(Dataset entries begins)
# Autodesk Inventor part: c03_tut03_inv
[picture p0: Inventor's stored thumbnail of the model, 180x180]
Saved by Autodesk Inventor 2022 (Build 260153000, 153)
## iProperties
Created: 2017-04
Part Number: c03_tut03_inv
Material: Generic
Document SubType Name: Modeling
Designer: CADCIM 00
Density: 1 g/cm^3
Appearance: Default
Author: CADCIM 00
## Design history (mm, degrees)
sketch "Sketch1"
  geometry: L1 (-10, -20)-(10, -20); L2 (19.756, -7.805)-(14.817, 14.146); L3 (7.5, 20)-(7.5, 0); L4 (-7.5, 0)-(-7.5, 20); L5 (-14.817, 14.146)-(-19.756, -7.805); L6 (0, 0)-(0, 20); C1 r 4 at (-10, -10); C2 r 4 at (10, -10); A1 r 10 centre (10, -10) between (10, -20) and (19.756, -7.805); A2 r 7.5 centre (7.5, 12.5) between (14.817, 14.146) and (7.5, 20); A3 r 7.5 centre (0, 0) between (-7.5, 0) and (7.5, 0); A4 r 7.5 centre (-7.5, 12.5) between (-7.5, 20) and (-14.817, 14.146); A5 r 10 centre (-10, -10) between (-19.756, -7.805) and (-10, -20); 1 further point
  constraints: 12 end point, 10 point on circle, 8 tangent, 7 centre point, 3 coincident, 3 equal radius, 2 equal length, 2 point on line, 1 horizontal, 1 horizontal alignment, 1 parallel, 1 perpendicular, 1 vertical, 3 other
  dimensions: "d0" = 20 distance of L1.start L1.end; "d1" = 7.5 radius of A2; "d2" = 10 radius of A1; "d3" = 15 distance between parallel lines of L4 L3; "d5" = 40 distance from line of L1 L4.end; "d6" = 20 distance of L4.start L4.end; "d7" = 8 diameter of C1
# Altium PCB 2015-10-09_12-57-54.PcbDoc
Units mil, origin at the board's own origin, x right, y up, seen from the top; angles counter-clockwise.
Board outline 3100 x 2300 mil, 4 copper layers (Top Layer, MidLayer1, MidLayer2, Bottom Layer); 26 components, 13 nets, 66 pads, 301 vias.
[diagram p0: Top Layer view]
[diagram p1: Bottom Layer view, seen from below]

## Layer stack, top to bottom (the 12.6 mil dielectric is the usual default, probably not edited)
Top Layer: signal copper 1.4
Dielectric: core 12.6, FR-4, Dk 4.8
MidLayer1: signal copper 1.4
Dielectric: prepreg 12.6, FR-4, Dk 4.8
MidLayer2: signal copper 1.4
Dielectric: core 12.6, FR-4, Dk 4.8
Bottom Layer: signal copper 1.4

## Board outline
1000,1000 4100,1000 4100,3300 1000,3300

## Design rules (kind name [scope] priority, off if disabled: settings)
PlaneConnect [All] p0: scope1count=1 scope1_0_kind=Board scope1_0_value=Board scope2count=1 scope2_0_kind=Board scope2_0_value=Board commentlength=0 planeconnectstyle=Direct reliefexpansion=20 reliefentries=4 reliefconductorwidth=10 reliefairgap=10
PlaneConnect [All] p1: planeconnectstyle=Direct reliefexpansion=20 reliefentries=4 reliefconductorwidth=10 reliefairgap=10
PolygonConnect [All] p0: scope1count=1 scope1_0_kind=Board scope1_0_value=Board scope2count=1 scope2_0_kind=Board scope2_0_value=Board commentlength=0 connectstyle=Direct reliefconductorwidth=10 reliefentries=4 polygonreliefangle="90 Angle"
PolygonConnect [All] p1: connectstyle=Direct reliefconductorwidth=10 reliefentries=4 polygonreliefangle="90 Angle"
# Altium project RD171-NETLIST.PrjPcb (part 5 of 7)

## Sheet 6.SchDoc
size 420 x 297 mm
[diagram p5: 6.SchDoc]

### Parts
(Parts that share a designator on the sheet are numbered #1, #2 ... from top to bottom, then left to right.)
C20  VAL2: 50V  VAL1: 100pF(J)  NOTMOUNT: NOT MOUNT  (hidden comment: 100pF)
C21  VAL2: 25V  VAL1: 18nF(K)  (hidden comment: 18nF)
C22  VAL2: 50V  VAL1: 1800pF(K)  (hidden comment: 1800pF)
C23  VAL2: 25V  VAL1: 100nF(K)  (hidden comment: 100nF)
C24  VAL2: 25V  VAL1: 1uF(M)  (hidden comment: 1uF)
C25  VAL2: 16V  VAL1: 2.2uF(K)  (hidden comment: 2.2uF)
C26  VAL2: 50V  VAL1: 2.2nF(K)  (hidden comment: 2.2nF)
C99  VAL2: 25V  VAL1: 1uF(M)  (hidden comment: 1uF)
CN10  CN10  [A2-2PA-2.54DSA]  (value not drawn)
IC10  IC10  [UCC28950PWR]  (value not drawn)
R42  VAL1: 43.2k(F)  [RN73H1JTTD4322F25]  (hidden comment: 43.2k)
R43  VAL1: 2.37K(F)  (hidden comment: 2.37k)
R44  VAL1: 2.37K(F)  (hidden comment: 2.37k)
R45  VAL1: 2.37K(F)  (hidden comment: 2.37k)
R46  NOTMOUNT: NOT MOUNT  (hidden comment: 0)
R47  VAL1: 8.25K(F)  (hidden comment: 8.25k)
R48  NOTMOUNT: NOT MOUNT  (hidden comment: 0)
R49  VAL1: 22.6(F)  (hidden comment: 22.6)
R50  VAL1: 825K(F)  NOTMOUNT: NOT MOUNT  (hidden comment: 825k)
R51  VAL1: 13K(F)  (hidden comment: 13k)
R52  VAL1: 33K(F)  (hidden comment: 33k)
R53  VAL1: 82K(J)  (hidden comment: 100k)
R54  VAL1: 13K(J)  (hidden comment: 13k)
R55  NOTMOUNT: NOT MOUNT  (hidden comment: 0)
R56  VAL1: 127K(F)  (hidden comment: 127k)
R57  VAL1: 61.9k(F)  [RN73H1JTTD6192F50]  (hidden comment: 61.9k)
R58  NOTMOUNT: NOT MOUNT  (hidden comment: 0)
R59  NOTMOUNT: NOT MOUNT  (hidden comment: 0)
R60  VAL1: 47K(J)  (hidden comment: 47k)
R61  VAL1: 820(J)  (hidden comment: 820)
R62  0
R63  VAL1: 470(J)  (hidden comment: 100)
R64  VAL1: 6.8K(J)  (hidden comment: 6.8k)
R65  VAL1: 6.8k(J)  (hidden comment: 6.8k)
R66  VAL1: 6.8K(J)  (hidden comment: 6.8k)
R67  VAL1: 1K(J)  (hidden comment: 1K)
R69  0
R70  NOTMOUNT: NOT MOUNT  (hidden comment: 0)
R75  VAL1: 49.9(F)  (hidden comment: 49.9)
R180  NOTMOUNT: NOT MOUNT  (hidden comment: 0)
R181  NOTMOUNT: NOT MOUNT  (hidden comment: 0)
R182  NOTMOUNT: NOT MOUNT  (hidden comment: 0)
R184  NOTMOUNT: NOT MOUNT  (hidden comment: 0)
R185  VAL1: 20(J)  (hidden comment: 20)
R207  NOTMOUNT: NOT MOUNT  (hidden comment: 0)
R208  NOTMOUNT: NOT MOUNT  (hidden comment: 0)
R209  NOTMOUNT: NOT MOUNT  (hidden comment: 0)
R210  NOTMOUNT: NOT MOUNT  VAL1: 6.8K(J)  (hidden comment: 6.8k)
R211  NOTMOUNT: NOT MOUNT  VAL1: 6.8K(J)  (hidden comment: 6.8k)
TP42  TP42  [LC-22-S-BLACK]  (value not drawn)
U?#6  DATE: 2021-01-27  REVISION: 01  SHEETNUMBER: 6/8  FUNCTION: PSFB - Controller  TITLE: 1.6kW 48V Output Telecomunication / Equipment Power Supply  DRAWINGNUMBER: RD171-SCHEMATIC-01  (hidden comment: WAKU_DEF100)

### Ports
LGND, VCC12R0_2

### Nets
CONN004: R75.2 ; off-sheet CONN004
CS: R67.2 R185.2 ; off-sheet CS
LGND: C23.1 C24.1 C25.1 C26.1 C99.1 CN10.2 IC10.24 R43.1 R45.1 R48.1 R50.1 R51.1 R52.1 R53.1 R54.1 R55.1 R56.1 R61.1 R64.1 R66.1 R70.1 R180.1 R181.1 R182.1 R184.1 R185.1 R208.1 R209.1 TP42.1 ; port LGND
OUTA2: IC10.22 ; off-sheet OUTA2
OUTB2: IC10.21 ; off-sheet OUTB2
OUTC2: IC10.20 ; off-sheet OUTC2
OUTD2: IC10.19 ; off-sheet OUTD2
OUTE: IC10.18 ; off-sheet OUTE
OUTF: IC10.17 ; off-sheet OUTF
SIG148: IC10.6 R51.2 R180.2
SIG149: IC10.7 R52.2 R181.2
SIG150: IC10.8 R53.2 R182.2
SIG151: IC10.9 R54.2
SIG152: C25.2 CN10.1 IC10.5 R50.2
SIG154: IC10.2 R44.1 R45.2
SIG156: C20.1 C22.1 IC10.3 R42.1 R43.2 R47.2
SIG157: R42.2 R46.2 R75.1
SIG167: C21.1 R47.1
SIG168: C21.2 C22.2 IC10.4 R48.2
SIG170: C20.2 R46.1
(Dataset entries ends)
• **Problem details**:
In the entries above, which lines hold the word "PlaneConnect"? Copy them out.

• **Expected answer**:
PlaneConnect [All] p0: scope1count=1 scope1_0_kind=Board scope1_0_value=Board scope2count=1 scope2_0_kind=Board scope2_0_value=Board commentlength=0 planeconnectstyle=Direct reliefexpansion=20 reliefentries=4 reliefconductorwidth=10 reliefairgap=10
PlaneConnect [All] p1: planeconnectstyle=Direct reliefexpansion=20 reliefentries=4 reliefconductorwidth=10 reliefairgap=10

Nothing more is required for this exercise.